= Collected data =
=-=-=
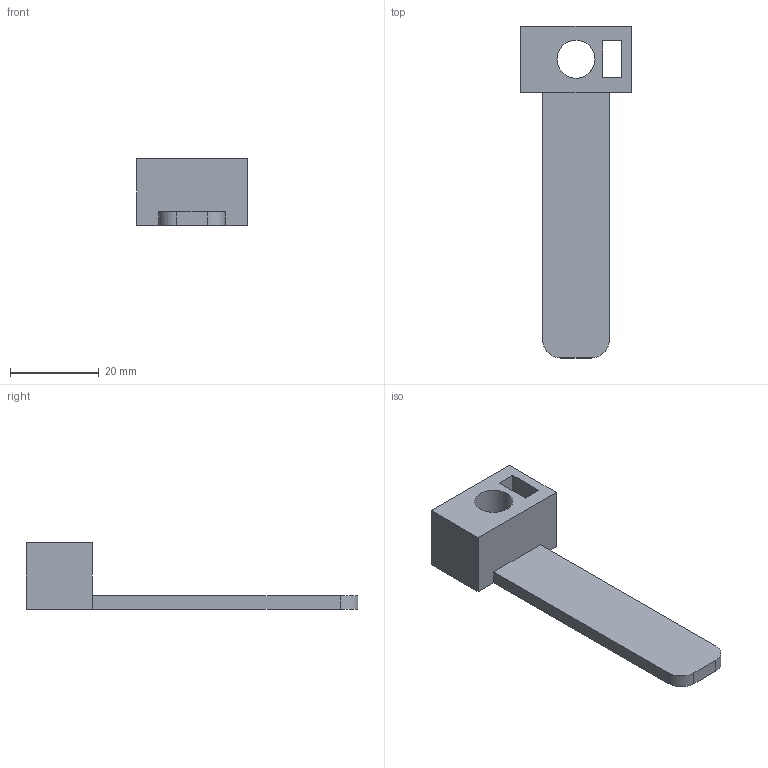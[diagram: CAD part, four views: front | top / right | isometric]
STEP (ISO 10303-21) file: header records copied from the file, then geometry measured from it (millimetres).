
FILE_DESCRIPTION(/* description */ (''),/* implementation_level */ '2;1');
FILE_NAME(/* name */ 'cup_holder_roof v5.step',/* time_stamp */ '2026-04-10T14:29:02+02:00',/* author */ (''),/* organization */ (''),/* preprocessor_version */ 'ST-DEVELOPER v20.1',/* originating_system */ 'Autodesk Translation Framework v14.24.0.0',/* authorisation */ '');
FILE_SCHEMA (('AUTOMOTIVE_DESIGN { 1 0 10303 214 3 1 1 }'));
Length unit declared in the file: millimetre
Products named in the file (1): (Niezapisany)
Bounding box: 25 x 75 x 15 mm (x, y, z)
Volume: 6799.6 mm3; surface area: 4660.9 mm2
Topology: 1 solids, 1 shells, 19 faces, 51 edges, 34 vertices
Faces by surface type: plane 14, cylinder 5
Full cylindrical faces by diameter (mm): 5.5 x2, 8.6 x1
Entity records: 674 total; most frequent: CARTESIAN_POINT 138, ORIENTED_EDGE 102, DIRECTION 99, EDGE_CURVE 51, LINE 41, VECTOR 41, VERTEX_POINT 34, AXIS2_PLACEMENT_3D 29
=-=-=
= PROBLEM REQUIREMENTS =
Each record must be returned exactly as it stands, and the images omitted.

= SOLUTION TO THIS TASK =
[diagram: CAD part, four views: front | top / right | isometric]
STEP (ISO 10303-21) file: header records copied from the file, then geometry measured from it (millimetres).
FILE_DESCRIPTION(/* description */ (''),/* implementation_level */ '2;1');
FILE_NAME(/* name */ 'cup_holder_roof v5.step',/* time_stamp */ '2026-04-10T14:29:02+02:00',/* author */ (''),/* organization */ (''),/* preprocessor_version */ 'ST-DEVELOPER v20.1',/* originating_system */ 'Autodesk Translation Framework v14.24.0.0',/* authorisation */ '');
FILE_SCHEMA (('AUTOMOTIVE_DESIGN { 1 0 10303 214 3 1 1 }'));
Length unit declared in the file: millimetre
Products named in the file (1): (Niezapisany)
Bounding box: 25 x 75 x 15 mm (x, y, z)
Volume: 6799.6 mm3; surface area: 4660.9 mm2
Topology: 1 solids, 1 shells, 19 faces, 51 edges, 34 vertices
Faces by surface type: plane 14, cylinder 5
Full cylindrical faces by diameter (mm): 5.5 x2, 8.6 x1
Entity records: 674 total; most frequent: CARTESIAN_POINT 138, ORIENTED_EDGE 102, DIRECTION 99, EDGE_CURVE 51, LINE 41, VECTOR 41, VERTEX_POINT 34, AXIS2_PLACEMENT_3D 29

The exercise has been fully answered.